I was making the point earlier that if the album was created digitally, there's no reason to press it onto vinyl.

And on the hardware front, I'm already disappointed in my powered speakers but I sort of knew that would be likely when I bought them. Guess I'll have to keep an eye out on craigslist or whatnot...
 
My theory is that its "missed nostalgia". A combination of social media influencing, and bands like Metallica hyping the fact that they press their own vinyl which has now has created this perception that the "superior" medium for listening to music was vinyl. That you're somehow missing some sort of warmth or nuance that's not captured through more modern means of recording. Never mind the fact that the music today is created by instruments playing through digital amplifiers and recorded onto a computer. It also makes you sound like a real audiophile when you tell everyone you listen to vinyl, its one of those "right" things to say whether you believe it or not. Its analogous to a guy fly fishing with a $3000 bamboo rod vs. a modern light-weight graphite one. These guys insist that you're missing "something" fishing with the graphite, despite the fact it weighs so much less, that you can cast more accurately, farther, and feel a ton more with the graphite.
So by this analogy everyone should be on ebikes by now because you can do it better longer and more efficiently 😁
 
So by this analogy everyone should be on ebikes by now because you can do it better longer and more efficiently 😁

Damn, you may come off as a broken....wait for it...record....at times. But I'll give it to you here. You did nail this one.

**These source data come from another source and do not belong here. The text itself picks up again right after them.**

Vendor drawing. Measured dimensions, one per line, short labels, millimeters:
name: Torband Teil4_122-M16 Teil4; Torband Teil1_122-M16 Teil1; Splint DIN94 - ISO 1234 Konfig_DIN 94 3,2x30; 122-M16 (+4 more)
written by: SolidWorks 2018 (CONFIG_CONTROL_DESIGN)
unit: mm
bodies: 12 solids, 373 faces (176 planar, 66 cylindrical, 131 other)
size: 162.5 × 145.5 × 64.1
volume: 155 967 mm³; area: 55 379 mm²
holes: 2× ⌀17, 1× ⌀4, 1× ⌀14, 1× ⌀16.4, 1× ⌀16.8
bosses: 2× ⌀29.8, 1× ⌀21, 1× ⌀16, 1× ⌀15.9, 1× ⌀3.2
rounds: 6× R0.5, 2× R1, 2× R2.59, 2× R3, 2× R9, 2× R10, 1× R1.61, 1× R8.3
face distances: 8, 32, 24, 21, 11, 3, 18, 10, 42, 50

I'm going to Jim's this weekend with my Revenge of the Nerds VHS tapes.
 
It also makes you sound like a real audiophile when you tell everyone you listen to vinyl, its one of those "right" things to say whether you believe it or not.

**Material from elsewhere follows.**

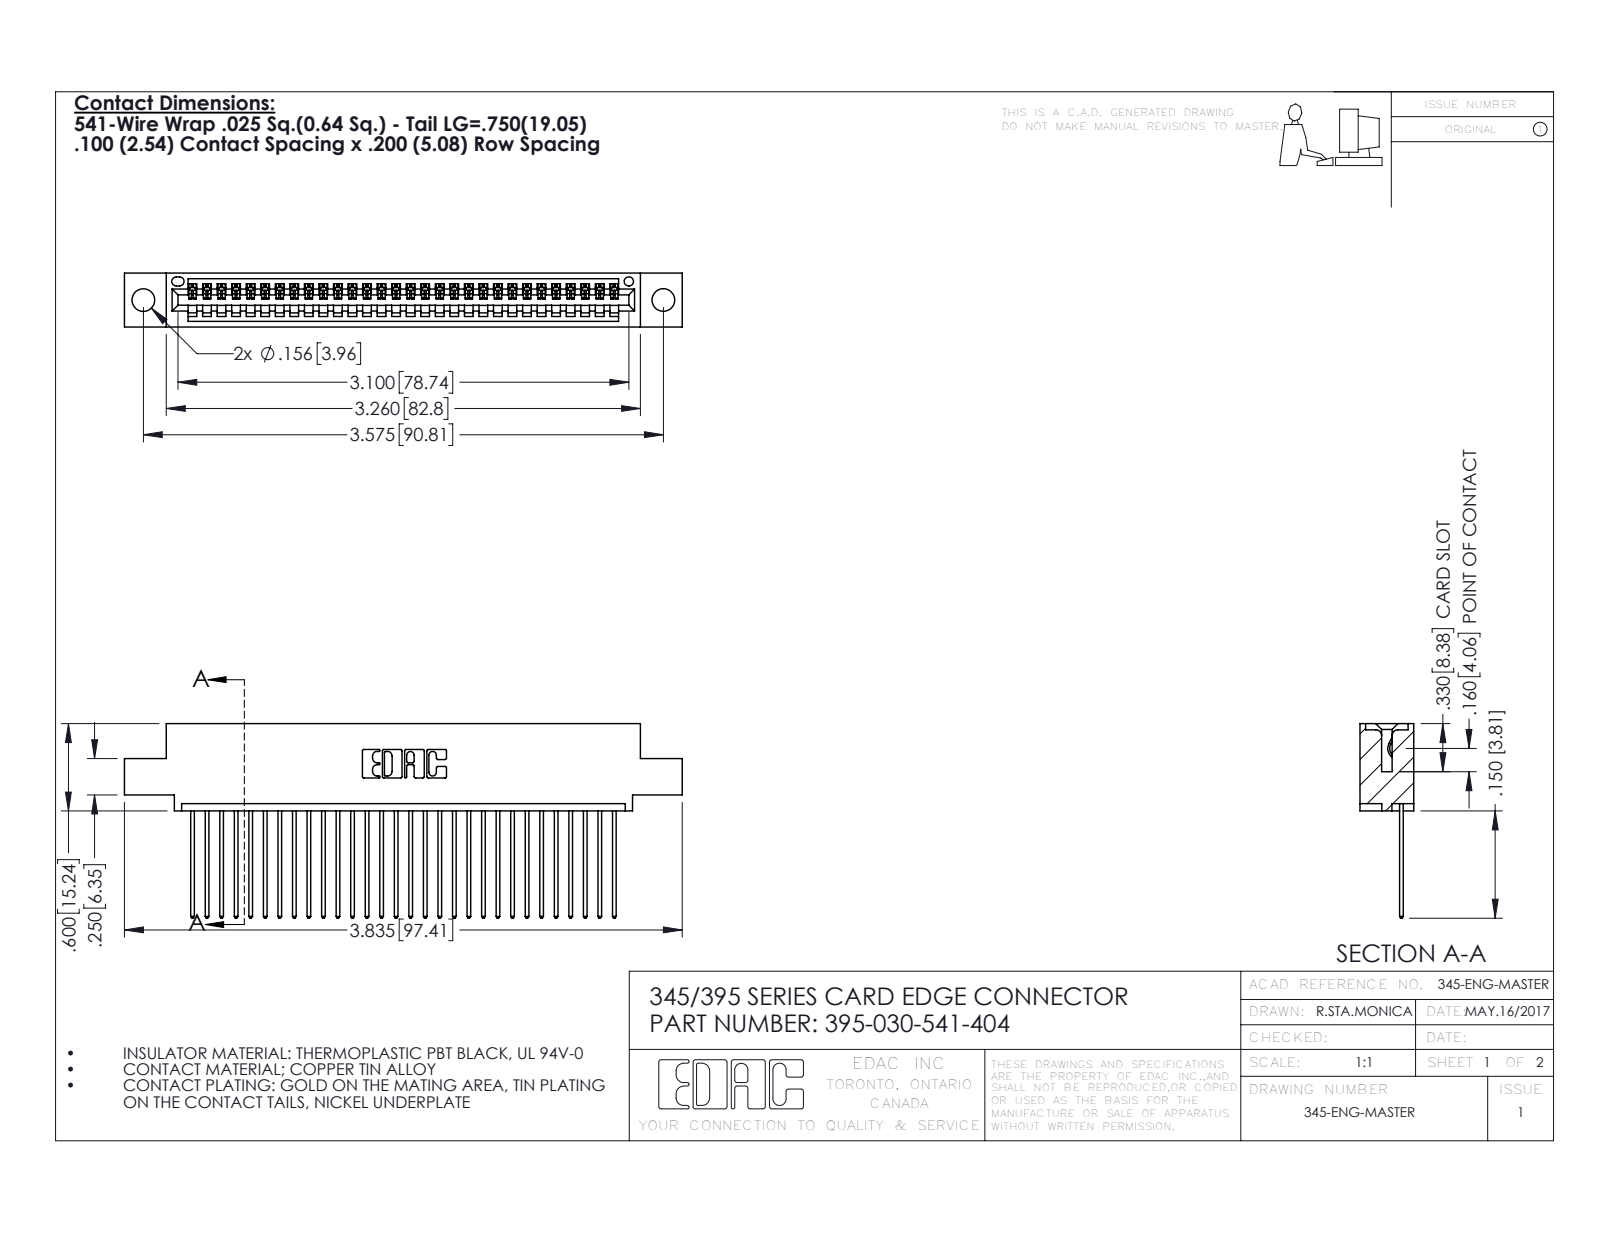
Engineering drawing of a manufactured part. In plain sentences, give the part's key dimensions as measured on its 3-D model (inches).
The part is named "395-030-541-404; 345-292-001_345-293-141; 345 Part_0.110 Offset - 0.156 Dia-TH". Its 3-D file was written by "SolidWorks 2016 (CONFIG_CONTROL_DESIGN)". It is 31 solids with 1870 faces: 1284 planar, 586 cylindrical and 0 other. Overall it measures 3.835 by 1.337 by 0.37 inches. Its volume is 0.555 cubic inches and its surface area 19.21 square inches. Round holes: 2 of diameter 0.156, 1 of diameter 0.064. Partial cylindrical surfaces (rounded edges, fillets, slot ends): 60 of radius 0.006, 60 of radius 0.01, 22 of radius 0.01, 6 of radius 0.007, 6 of radius 0.031, 3 of radius 0.026, 2 of radius 0.031, 2 of radius 0.04. The main face-to-face distances are 0.072, 0.298, 0.098, 0.272, 0.025, 0.37, 0.2, 0.225, 0.149, 0.072. The hole center spacings are 0.27, 3.34, 3.575.

Q: How do you know if someone________?
-Rides SS
-Is vegan
-Owns an airfryer
-Has that on vinyl...

A: Don’t worry, they’ll tell you.
 
So by this analogy everyone should be on ebikes by now because you can do it better longer and more efficiently 😁
If fishing rods started casting themselves, then the analogy would be correct.

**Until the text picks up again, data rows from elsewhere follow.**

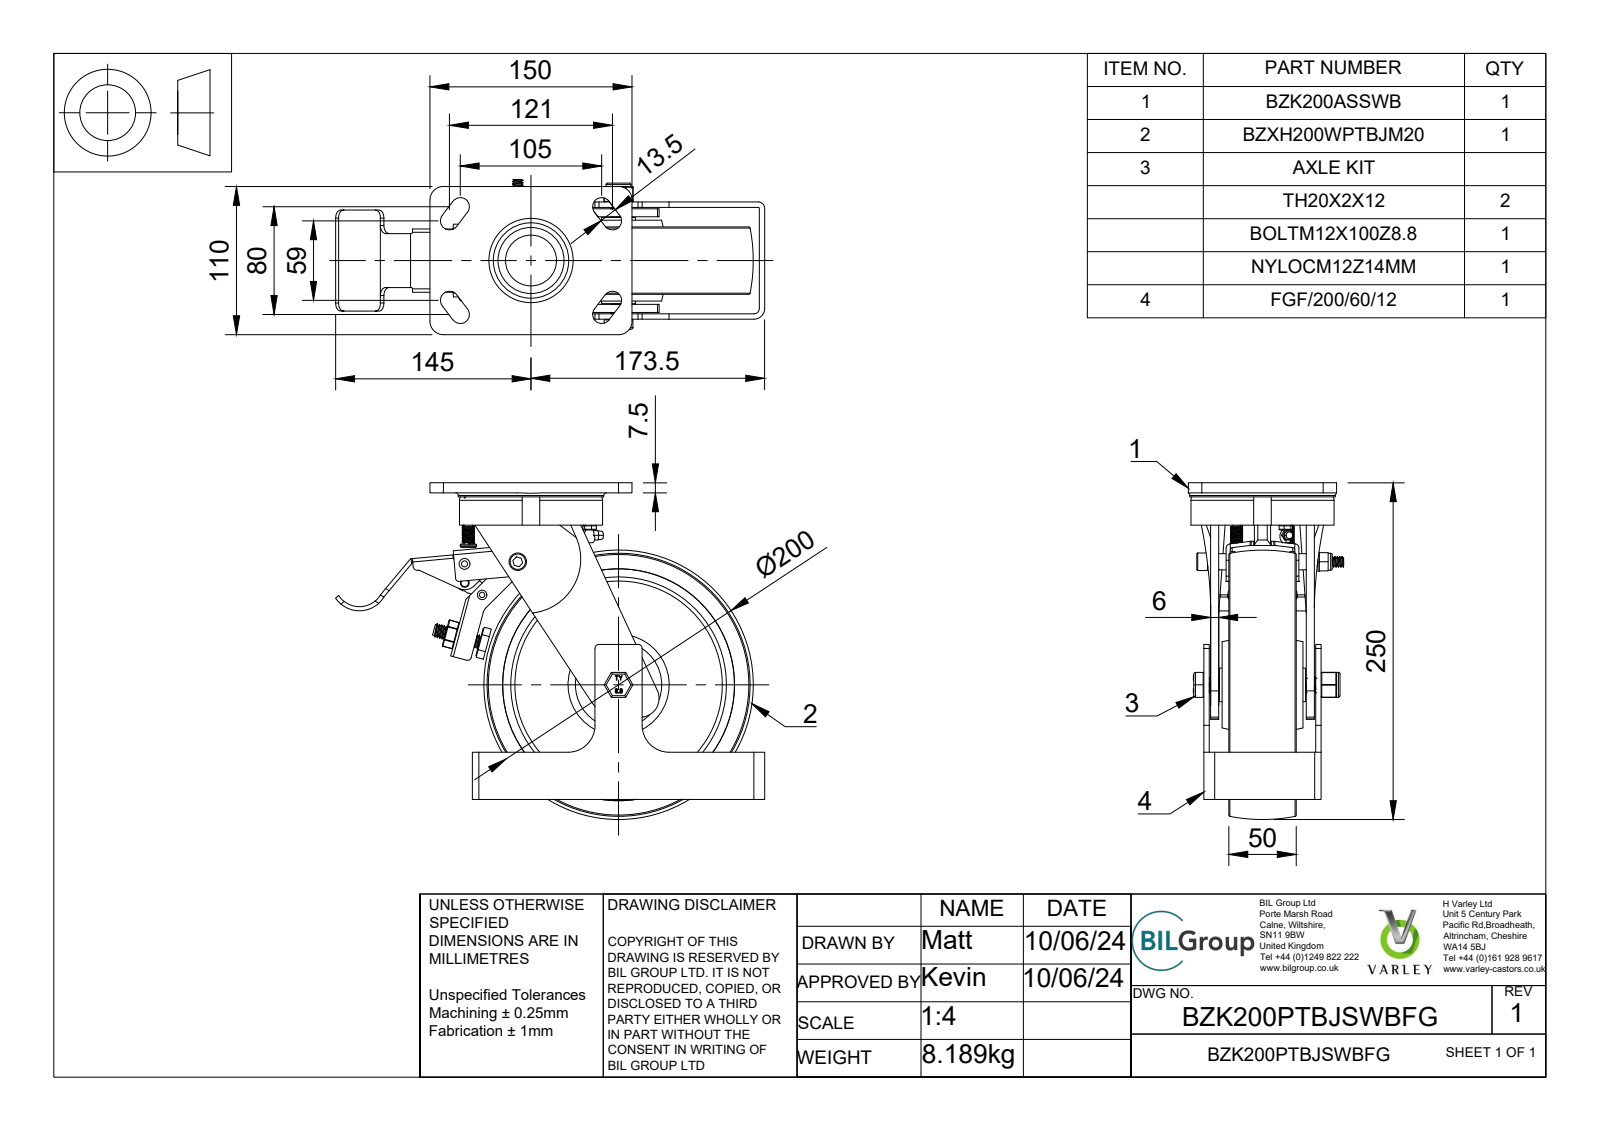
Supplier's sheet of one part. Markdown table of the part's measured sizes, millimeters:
| quantity | value |
| --- | --- |
| part name | BZK200PTBJSWBFG v3; BZK200ASSWB v1; FABRICATED STEEL TOP PLATE; FABRICATED STEEL FORKS (+8 more) |
| STEP written by | Autodesk Translation Framework v13.14.0.145 (AUTOMOTIVE_DESIGN) |
| units | millimeters |
| bodies | 57 solids, 1496 faces (595 planar, 442 cylindrical, 459 other) |
| overall size | 318.5 × 250 × 115.22 |
| volume | 1 463 000 mm³ |
| surface area | 457 493 mm² |
| round holes (diameter × count) | 6 × 5, 10 × 2, 5 × 1, 8 × 1, 12 × 1, 12.2 × 1, 13 × 1, 14 × 1, 20 × 1, 28.5 × 1, 30.8 × 1, 32 × 1 |
| round bosses / shafts (diameter × count) | 12 × 3, 8 × 2, 108 × 1, 107 × 1, 40.8 × 1, 31.3 × 1, 27 × 1, 25 × 1 |
| partial cylindrical surfaces (radius × count) | 0.5 × 50, 1 × 11, 6 × 8, 6.75 × 8, 1.25 × 6, 2.5 × 5, 3 × 5, 10 × 5 |
| main face-to-face distances | 4, 7.5, 68.5, 39.5, 35.5, 47.5, 43.5, 83, 14.5, 21 |
| hole center spacings | 50.23, 14.12, 15.62, 26.42, 36.19, 38, 39.54, 42.39 |

Having fished my friends $4k Leonard bamboo rod back to back with my NRX LP, I can say that NRX has so much more feel, sensitivity and accuracy at all distances. Then there's fighting a decent sized fish, where there's no comparison. Its like lapping a race track on a modern Ducati vs. a vintage BMW or Guzzi. You'll be flowing through turns with the Ducati vs. fighting to stay upright on an overweight, but pretty, hunk of steel with wheels attached to it.
 
My son is looking at getting into vinyl and i am many years removed. Obviously 22year old is looking in a low budget territory so for all you vinyl heads, any recommendations where to start?

This is a start from scratch and if any of you have extra equipment please share.

Thank you so much in advance...
If you don't already have an amp with speakers, consider a USB version to play around for a few months. https://www.crutchfield.com/S-GbffI...ZhnFFxXFJkphss5ijrQTzHzTE8UCEY1hoC0YUQAvD_BwE
 
I have a low opinion of anyone who listens to the new Metallica albums. Even lower if it's on vinyl. 🙂

I was making the point earlier that if the album was created digitally, there's no reason to press it onto vinyl.

And on the hardware front, I'm already disappointed in my powered speakers but I sort of knew that would be likely when I bought them. Guess I'll have to keep an eye out on craigslist or whatnot...
Edifiers are pretty much the best at that price range. What's not to like about them?